А вокруг нас кипела нормальная жизнь, с довольными и счастливыми людьми.

«Художественное агентство SENSO» после многих успешных начинаний постепенно скатывалось к банкротству. Финансовое ведомство квалифицировало деловые поездки к сардинским скульпторам как «отпуск в послесезонный период». Совладелец предприятия Ингвальд Клар пригласил нескольких чиновников, ответственных за культуру, обменяться мнениями… в слишком роскошном месте:

— Я зарезервировал двадцать мест в «Меранерштубен».

— Но нам не по карману за это платить! Д-р Казимир из Бранденбургского культурного фонда зарабатывает в десять раз больше, чем мы. И приглашать его дочь уж во всяком случае было ни к чему.

— Надо создать приятную атмосферу. Иначе ничего не получится.

— Его должны интересовать картины, а не кнедлики с абрикосами!

— Одно обычно не обходится без другого.

В конце концов партнеры решили расстаться. Афиши венецианского карнавала были сняты со стен, офисная мебель — куда-то отправлена. Фолькер, озабоченный своим будущим, опять оказался выброшенным в мир свободных профессий. Неожиданно он сорвался с места и поехал во Фрайбургим-Брейсгау. С непонятной для меня уверенностью — но иначе, может, на такое вообще не решишься — он перескочил с одного плота на другой.

Во Фрайбурге должен был родиться всемирный театр. Моему другу пообещали, что и для него там найдется работа.

— Что это в конечном счете тебе даст? Ты хотя бы заключил договор?

Как он ответит на первый вопрос, я приблизительно догадался:

— Там видно будет. Это потрясающее событие, касающееся многих людей. А главное, оно ново, уникально, увлекательно! Потом, вероятно, мы продолжим работу в Токио и Хьюстоне…

Проект, ради которого Фолькер складывал в чемодан рубашки, и в самом деле казался чем-то неслыханным.

Во Фрайбурге техасский режиссер Роберт Уилсон (тот самый, что когда-то гулял с Сержем по Парижу) репетировал европейскую часть своей всемирно-исторической драмы Civil Wars — Гражданские войны. В двадцатичетырехчасовой серии драматических картин Уилсон намеревался показать, как человечество само себя уничтожает, рвет в клочья. Азиатскую часть кровавой панорамы должны были подготовить — в другое время — сотни актеров-любителей из Японии, еще одну часть репетировали в Роттердаме.

Речь, несомненно, шла о самой сложной и дорогостоящей театральной постановке всех времен и народов. По ходу дела ее намеревались превратить в киноэпопею.

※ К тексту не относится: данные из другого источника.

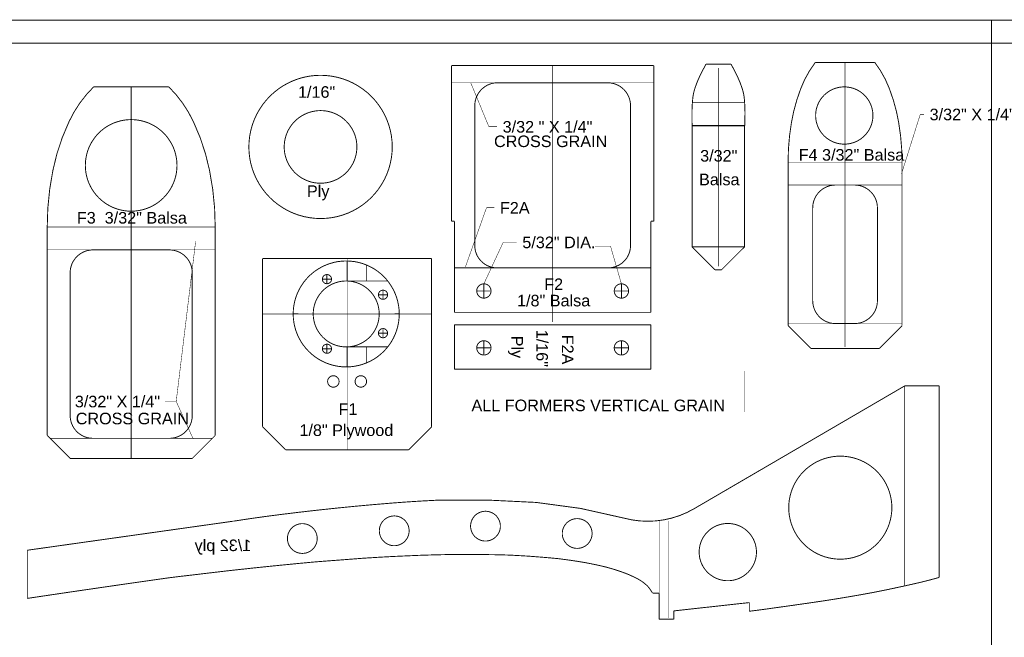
# Model space of a CAD drawing. Extents: x -1080 to 1070, y -166 to 202.
# Tile 23 of 24: x 536 to 805, y 3 to 171. Entities that reach past the tile are written whole.
import ezdxf

# ---------------------------------------------------------------- set-up
doc = ezdxf.new("R2010")
doc.units = 0
doc.header["$MEASUREMENT"] = 0
doc.linetypes.add('DASHED', pattern=[0.75, 0.5, -0.25])
doc.linetypes.add('DOT', pattern=[0.25, 0, -0.25])
doc.layers.add('DEFAULT', color=7, linetype='CONTINUOUS')
doc.layers.add('LINE', color=7, linetype='CONTINUOUS')
doc.styles.add('ARIAL', font='ARIAL.TTF')

# ---------------------------------------------------------------- blocks, each defined once
blk = doc.blocks.new('GROUP38')
at = {"layer": 'DEFAULT', "const_width": 0.01}
for points in [[(-0.4098, 2.0278, 0.0906), (-0.6777, 1.6489, 0.062), (-0.8544, 1.1151, 0.0511), (-0.916, 0.4983, 1.8353)], [(0.9161, 0.4983, 0.0511), (0.8544, 1.1151, 0.062), (0.6777, 1.6489, 0.0906), (0.4098, 2.0278, 1.8354)], [(-0.4162, 0.2483, 0.0985), (-0.5118, 0.2292, 0.0985), (-0.5929, 0.1751, 0.0985), (-0.6471, 0.094, 0.0984), (-0.6661, -0.0015, 1.3358)], [(0.6661, -0.0016, 0.0984), (0.647, 0.094, 0.0985), (0.5928, 0.175, 0.0985), (0.5118, 0.2291, 0.0985), (0.4161, 0.2482, 1.3354)], [(-0.6661, -1.5591, 0.0984), (-0.647, -1.6547, 0.0984), (-0.5929, -1.7358, 0.0985), (-0.5118, -1.79, 0.0984), (-0.4162, -1.809, 1.3365)], [(0.4162, -1.809, 0.0984), (0.5118, -1.7899, 0.0984), (0.5928, -1.7357, 0.0984), (0.6469, -1.6547, 0.0984), (0.666, -1.5591, 1.3353)]]:
    blk.add_lwpolyline(points, format="xyb", dxfattribs=at)
for points in [[(-0.4098, 2.0278), (0.4099, 2.0278)], [(-0.4162, 0.2483), (0.4162, 0.2483)], [(-0.6661, -1.5591), (-0.6661, -0.0016)], [(0.6661, -1.5591), (0.6661, -0.0016)], [(-0.9161, -1.7777), (-0.6661, -2.0277)], [(-0.4162, -1.809), (0.4162, -1.809)], [(0.6661, -2.0277), (0.9161, -1.7777)], [(-0.6661, -2.0277), (0.6661, -2.0277)]]:
    blk.add_lwpolyline(points, dxfattribs=at)
at = {"layer": 'DEFAULT', "linetype": 'DOT'}
for points, const_width in [([(0, -2.0277), (0, 2.0273)], 0.01), ([(-0.9161, 0.4983), (0.9161, 0.4983)], 0.005), ([(-0.9161, 0.2483), (0, 0.2483)], 0.005), ([(0, 0.2483), (0.9161, 0.2483)], 0.005), ([(-0.8848, -1.809), (0, -1.809)], 0.005), ([(0, -1.809), (0.8848, -1.809)], 0.005)]:
    blk.add_lwpolyline(points, dxfattribs=dict(at, const_width=const_width))
at = {"layer": 'DEFAULT', "const_width": 0.01}
blk.add_lwpolyline([(0.4995, 1.1707, 0.0985), (0.4614, 1.362, 0.0985), (0.353, 1.5242, 0.0985), (0.1908, 1.6326, 0.0985), (-0.0005, 1.6707, 0.0985), (-0.1918, 1.6326, 0.0985), (-0.354, 1.5242, 0.0985), (-0.4624, 1.362, 0.0985), (-0.5004, 1.1706, 0.0985), (-0.4624, 0.9793, 0.0985), (-0.354, 0.8171, 0.0985), (-0.1918, 0.7087, 0.0985), (-0.0004, 0.6707, 0.0985), (0.1908, 0.7087, 0.0985), (0.353, 0.8171, 0.0985), (0.4614, 0.9793, 0.0985)], format="xyb", close=True, dxfattribs=at)
at = {"layer": 'LINE', "const_width": 0.01}
for points in [[(-0.9161, -1.7777), (-0.9161, 0.4983)], [(0.9161, -1.7777), (0.9161, 0.4983)]]:
    blk.add_lwpolyline(points, dxfattribs=at)
at = {"layer": 'DEFAULT', "style": 'ARIAL'}
blk.add_text('F3  3/32" Balsa', height=0.1263, dxfattribs=at).set_placement((-0.593, 0.5356))
blk = doc.blocks.new('GROUP40')
at = {"layer": 'DEFAULT', "const_width": 0.01}
for points in [[(0.782, 0, 0.0985), (0.7224, 0.2992, 0.0985), (0.5529, 0.5529, 0.0985), (0.2992, 0.7224, 0.0985), (0, 0.7819, 0.0985), (-0.2992, 0.7224, 0.0985), (-0.5529, 0.5529, 0.0985), (-0.7224, 0.2992, 0.0985), (-0.7819, 0, 0.0985), (-0.7224, -0.2992, 0.0985), (-0.5529, -0.5529, 0.0985), (-0.2992, -0.7224, 0.0985), (0, -0.7819, 0.0985), (0.2992, -0.7224, 0.0985), (0.5529, -0.5529, 0.0985), (0.7224, -0.2992, 0.0985)], [(0.3965, 0, 0.0985), (0.3663, 0.1518, 0.0985), (0.2803, 0.2804, 0.0985), (0.1517, 0.3664, 0.0985), (0, 0.3965, 0.0985), (-0.1518, 0.3664, 0.0985), (-0.2804, 0.2804, 0.0985), (-0.3664, 0.1518, 0.0985), (-0.3965, 0, 0.0985), (-0.3664, -0.1517, 0.0985), (-0.2804, -0.2803, 0.0985), (-0.1518, -0.3663, 0.0985), (0, -0.3964, 0.0985), (0.1517, -0.3663, 0.0985), (0.2803, -0.2803, 0.0985), (0.3663, -0.1517, 0.0985)]]:
    blk.add_lwpolyline(points, format="xyb", close=True, dxfattribs=at)
at = {"layer": 'DEFAULT', "style": 'ARIAL'}
for s, p in [('1/16"', (-0.2459, 0.5364)), ('Ply', (-0.1484, -0.5462))]:
    blk.add_text(s, height=0.1263, dxfattribs=at).set_placement(p)
blk = doc.blocks.new('GROUP01')
at = {"layer": 'DEFAULT', "const_width": 0.01}
for points in [[(0.5785, 0, 0.0985), (0.5344, 0.2213, 0.0985), (0.409, 0.409, 0.0985), (0.2213, 0.5344, 0.0985), (0, 0.5784, 0.0985), (-0.2213, 0.5344, 0.0985), (-0.409, 0.409, 0.0985), (-0.5344, 0.2213, 0.0985), (-0.5784, 0, 0.0985), (-0.5344, -0.2213, 0.0985), (-0.409, -0.409, 0.0985), (-0.2213, -0.5344, 0.0985), (0, -0.5784, 0.0985), (0.2213, -0.5344, 0.0985), (0.409, -0.409, 0.0985), (0.5344, -0.2213, 0.0985)], [(0.36, 0, 0.0985), (0.3325, 0.1377, 0.0985), (0.2545, 0.2545, 0.0985), (0.1377, 0.3325, 0.0985), (0, 0.3599, 0.0985), (-0.1377, 0.3325, 0.0985), (-0.2545, 0.2545, 0.0985), (-0.3325, 0.1377, 0.0985), (-0.3599, 0, 0.0985), (-0.3325, -0.1377, 0.0985), (-0.2545, -0.2545, 0.0985), (-0.1377, -0.3325, 0.0985), (0, -0.3599, 0.0985), (0.1377, -0.3325, 0.0985), (0.2545, -0.2545, 0.0985), (0.3325, -0.1377, 0.0985)], [(-0.33, 0.2102, 0.0987), (-0.3338, 0.2293, 0.0986), (-0.3446, 0.2455, 0.0984), (-0.3608, 0.2563, 0.0984), (-0.38, 0.2602, 0.0982), (-0.3991, 0.2563, 0.0983), (-0.4153, 0.2455, 0.0983), (-0.4261, 0.2293, 0.0983), (-0.43, 0.2101, 0.0982), (-0.4261, 0.191, 0.0985), (-0.4153, 0.1748, 0.0985), (-0.3991, 0.164, 0.0986), (-0.3799, 0.1602, 0.0987), (-0.3608, 0.164, 0.0989), (-0.3446, 0.1748, 0.0986), (-0.3338, 0.191, 0.0986)], [(-0.33, 0.2102, 0.0987), (-0.3338, 0.2293, 0.0986), (-0.3446, 0.2455, 0.0984), (-0.3608, 0.2563, 0.0984), (-0.38, 0.2602, 0.0982), (-0.3991, 0.2563, 0.0983), (-0.4153, 0.2455, 0.0983), (-0.4261, 0.2293, 0.0983), (-0.43, 0.2101, 0.0982), (-0.4261, 0.191, 0.0985), (-0.4153, 0.1748, 0.0985), (-0.3991, 0.164, 0.0986), (-0.3799, 0.1602, 0.0987), (-0.3608, 0.164, 0.0989), (-0.3446, 0.1748, 0.0986), (-0.3338, 0.191, 0.0986)], [(0.43, 0.2102, 0.0982), (0.4261, 0.2293, 0.0983), (0.4153, 0.2455, 0.0983), (0.3991, 0.2563, 0.0983), (0.3799, 0.2602, 0.0982), (0.3608, 0.2563, 0.0985), (0.3446, 0.2455, 0.0985), (0.3338, 0.2293, 0.0986), (0.33, 0.2101, 0.0987), (0.3338, 0.191, 0.0989), (0.3446, 0.1748, 0.0986), (0.3608, 0.164, 0.0986), (0.38, 0.1602, 0.0987), (0.3991, 0.164, 0.0986), (0.4153, 0.1748, 0.0984), (0.4261, 0.191, 0.0984)], [(-0.1599, -0.4015, 0.0986), (-0.1637, -0.3823, 0.0989), (-0.1745, -0.3661, 0.0986), (-0.1907, -0.3553, 0.0986), (-0.2099, -0.3515, 0.0987), (-0.229, -0.3553, 0.0986), (-0.2452, -0.3661, 0.0984), (-0.256, -0.3823, 0.0984), (-0.2599, -0.4015, 0.0982), (-0.256, -0.4206, 0.0983), (-0.2452, -0.4368, 0.0983), (-0.229, -0.4476, 0.0983), (-0.2098, -0.4515, 0.0982), (-0.1907, -0.4476, 0.0985), (-0.1745, -0.4368, 0.0985), (-0.1637, -0.4206, 0.0986)], [(0.2598, -0.4015, 0.0984), (0.2559, -0.3823, 0.0985), (0.2451, -0.3661, 0.0985), (0.2289, -0.3553, 0.0986), (0.2097, -0.3515, 0.0987), (0.1906, -0.3553, 0.0989), (0.1744, -0.3661, 0.0986), (0.1636, -0.3823, 0.0986), (0.1598, -0.4015, 0.0987), (0.1636, -0.4206, 0.0986), (0.1744, -0.4368, 0.0984), (0.1906, -0.4476, 0.0984), (0.2098, -0.4515, 0.0982), (0.2289, -0.4476, 0.0983), (0.2451, -0.4368, 0.0983), (0.2559, -0.4206, 0.0983)]]:
    blk.add_lwpolyline(points, format="xyb", close=True, dxfattribs=at)
for points in [[(0, 0.523), (0, 0.5785)], [(-0.43, 0.2102), (-0.33, 0.2102)], [(-0.38, 0.1602), (-0.38, 0.2602)], [(0.33, 0.2102), (0.43, 0.2102)], [(0.38, 0.1643), (0.38, 0.2602)], [(-0.5785, -0.0098), (-0.3599, -0.0098)], [(-0.3599, -0.4548), (-0.3599, -0.0098)], [(0.3598, -0.4548), (0.3598, -0.0098)], [(0.3598, -0.0098), (0.5784, -0.0098)], [(-0.5352, -0.2198), (-0.3599, -0.2198)], [(0.3598, -0.2198), (0.5351, -0.2198)], [(-0.2599, -0.4015), (-0.1599, -0.4015)], [(-0.2099, -0.4515), (-0.2099, -0.3515)], [(0.1598, -0.4015), (0.2598, -0.4015)], [(0.2098, -0.4515), (0.2098, -0.3515)], [(0, -0.5785), (0, -0.5291)]]:
    blk.add_lwpolyline(points, dxfattribs=at)
blk = doc.blocks.new('GROUP43')
at = {"layer": 'DEFAULT', "const_width": 0.01}
for points in [[(-0.9216, 1.043), (0.9214, 1.043)], [(-0.9216, -0.793), (-0.9216, 1.043)], [(0.9214, -0.793), (0.9214, 1.043)], [(-0.9216, -0.793), (-0.6716, -1.043)], [(0.6714, -1.043), (0.9214, -0.793)], [(-0.6716, -1.043), (0.6714, -1.043)]]:
    blk.add_lwpolyline(points, dxfattribs=at)
at = {"layer": 'DEFAULT', "linetype": 'DOT', "const_width": 0.005}
for points in [[(-0.0001, -1.043), (-0.0001, 1.043)], [(-0.9215, 0.439), (0.9215, 0.439)]]:
    blk.add_lwpolyline(points, dxfattribs=at)
at = {"layer": 'DEFAULT', "const_width": 0.01}
for points in [[(-0.0876, -0.2978, 0.0986), (-0.0923, -0.2738, 0.0987), (-0.1059, -0.2536, 0.0987), (-0.1261, -0.24, 0.0986), (-0.1501, -0.2353, 0.0985), (-0.174, -0.24, 0.0985), (-0.1942, -0.2536, 0.0984), (-0.2078, -0.2738, 0.0984), (-0.2126, -0.2978, 0.0984), (-0.2078, -0.3217, 0.0982), (-0.1942, -0.3419, 0.0982), (-0.174, -0.3555, 0.0983), (-0.15, -0.3602, 0.0984), (-0.1261, -0.3555, 0.0984), (-0.1059, -0.3419, 0.0985), (-0.0923, -0.3217, 0.0986)], [(0.2124, -0.2978, 0.0984), (0.2076, -0.2738, 0.0984), (0.194, -0.2536, 0.0985), (0.1738, -0.24, 0.0986), (0.1498, -0.2353, 0.0986), (0.1259, -0.24, 0.0987), (0.1057, -0.2536, 0.0987), (0.0921, -0.2738, 0.0986), (0.0874, -0.2978, 0.0985), (0.0921, -0.3217, 0.0985), (0.1057, -0.3419, 0.0984), (0.1259, -0.3555, 0.0983), (0.1499, -0.3602, 0.0983), (0.1738, -0.3555, 0.0982), (0.194, -0.3419, 0.0982), (0.2076, -0.3217, 0.0983)]]:
    blk.add_lwpolyline(points, format="xyb", close=True, dxfattribs=at)
at = {"layer": 'DEFAULT', "rotation": 90}
blk.add_blockref('GROUP01', (-0.0097, 0.439), dxfattribs=at)
at = {"layer": 'DEFAULT', "style": 'ARIAL'}
for s, p in [('F1', (-0.0932, -0.6627)), ('1/8" Plywood', (-0.5199, -0.8931))]:
    blk.add_text(s, height=0.1263, dxfattribs=at).set_placement(p)
blk = doc.blocks.new('GROUP44')
at = {"layer": 'DEFAULT'}
for points, const_width in [([(-1.1027, 1.399), (1.1027, 1.399)], 0.01), ([(-0.8931, 1.2105), (-0.6957, 0.7315)], 0.005), ([(-0.5996, 1.2115), (0.5995, 1.2115)], 0.01), ([(-0.6957, 0.7315), (-0.6078, 0.7315)], 0.005), ([(-0.9521, -0.8007), (-0.7215, -0.1528)], 0.005), ([(-0.7215, -0.1528), (-0.6373, -0.1528)], 0.005), ([(-1.1027, -0.301), (-1.0714, -0.301)], 0.01), ([(-1.0714, -1.295), (-1.0714, -0.301)], 0.01), ([(1.0714, -0.301), (1.1027, -0.301)], 0.01), ([(1.0714, -1.295), (1.0714, -0.301)], 0.01), ([(-0.75, -0.9839), (-0.5393, -0.5301)], 0.005), ([(-0.5393, -0.5301), (-0.3933, -0.5301)], 0.005), ([(0.4631, -0.5769), (0.6322, -0.5769)], 0.005), ([(0.6322, -0.5769), (0.75, -0.9839)], 0.005), ([(-0.6072, -0.8096), (0.6072, -0.8096)], 0.01), ([(-0.8281, -1.062), (-0.6719, -1.062)], 0.01), ([(-0.75, -1.1401), (-0.75, -0.9839)], 0.01), ([(0.6719, -1.062), (0.8281, -1.062)], 0.01), ([(0.75, -1.1401), (0.75, -0.9839)], 0.01), ([(-1.0714, -1.295), (1.0714, -1.295)], 0.01)]:
    blk.add_lwpolyline(points, dxfattribs=dict(at, const_width=const_width))
at = {"layer": 'DEFAULT', "linetype": 'DOT'}
for points, const_width in [([(0, -1.399), (0, 1.399)], 0.005), ([(-1.1027, 1.2115), (-0.5996, 1.2115)], 0.005), ([(0.5995, 1.2115), (1.1027, 1.2115)], 0.005), ([(-1.0714, -0.8096), (-0.6072, -0.8096)], 0.01), ([(0.6072, -0.8096), (1.076, -0.8096)], 0.01), ([(-1.0714, -1.295), (1.0714, -1.295)], 0.01)]:
    blk.add_lwpolyline(points, dxfattribs=dict(at, const_width=const_width))
at = {"layer": 'DEFAULT', "const_width": 0.01}
blk.add_lwpolyline([(-0.5996, 1.2115, 0.0984), (-0.6952, 1.1924, 0.0984), (-0.7762, 1.1382, 0.0984), (-0.8303, 1.0572, 0.0984), (-0.8494, 0.9616, 1.3353)], format="xyb", dxfattribs=at)
for points in [[(-0.6719, -1.062, 0.0985), (-0.6778, -1.0321, 0.0987), (-0.6947, -1.0067, 0.0987), (-0.7201, -0.9898, 0.0985), (-0.75, -0.9839, 0.0985), (-0.7798, -0.9898, 0.0985), (-0.8052, -1.0067, 0.0984), (-0.8221, -1.0321, 0.0985), (-0.8281, -1.062, 0.0984), (-0.8221, -1.0918, 0.0984), (-0.8052, -1.1172, 0.0984), (-0.7798, -1.1341, 0.0984), (-0.7499, -1.1401, 0.0984), (-0.7201, -1.1341, 0.0984), (-0.6947, -1.1172, 0.0985), (-0.6778, -1.0918, 0.0986)], [(0.8281, -1.062, 0.0985), (0.8221, -1.0321, 0.0984), (0.8052, -1.0067, 0.0985), (0.7798, -0.9898, 0.0986), (0.7499, -0.9839, 0.0986), (0.7201, -0.9898, 0.0987), (0.6947, -1.0067, 0.0987), (0.6778, -1.0321, 0.0985), (0.6719, -1.062, 0.0985), (0.6778, -1.0918, 0.0985), (0.6947, -1.1172, 0.0984), (0.7201, -1.1341, 0.0985), (0.75, -1.1401, 0.0984), (0.7798, -1.1341, 0.0984), (0.8052, -1.1172, 0.0984), (0.8221, -1.0918, 0.0984)]]:
    blk.add_lwpolyline(points, format="xyb", close=True, dxfattribs=at)
at = {"layer": 'LINE', "const_width": 0.01}
for points in [[(-1.1027, -0.301), (-1.1027, 1.399)], [(1.1027, -0.301), (1.1027, 1.399)], [(-0.8495, -0.566), (-0.8495, 0.9616)], [(0.8494, -0.566), (0.8494, 0.9616)]]:
    blk.add_lwpolyline(points, dxfattribs=at)
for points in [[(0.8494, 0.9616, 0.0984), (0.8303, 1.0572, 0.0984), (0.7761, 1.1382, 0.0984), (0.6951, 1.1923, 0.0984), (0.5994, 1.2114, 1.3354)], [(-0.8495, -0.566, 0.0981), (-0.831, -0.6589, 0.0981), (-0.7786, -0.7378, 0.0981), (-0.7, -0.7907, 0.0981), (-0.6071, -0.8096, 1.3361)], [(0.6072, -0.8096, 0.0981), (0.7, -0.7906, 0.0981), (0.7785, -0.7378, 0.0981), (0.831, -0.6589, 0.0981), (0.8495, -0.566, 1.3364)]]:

Творчеством Роберта Уилсона Фолькер интересовался давно. Фантастические видения американца, сопровождаемые музыкой Филипа Гласса, с середины семидесятых стали целью чуть ли не культового паломничества. По сравнению с магическим языком уилсоновских образов, рафинированностью световых эффектов в опере «Эйнштейн на пляже» или в берлинском спектакле «Смерть, Деструкция и Детройт»,

мой «выход» в «Браконьере» и реплика-рефрен Лизы «Я клею, я клею, пока не останется чего заклеивать…» наверняка казались Фолькеру старьем из пропахшего нафталином бабушкиного сундука. Роберт Уилсон был новым Рихардом Вагнером, он втягивал зрителей в совершенное и таинственное целостное художественное произведение, в настоящую игру снов.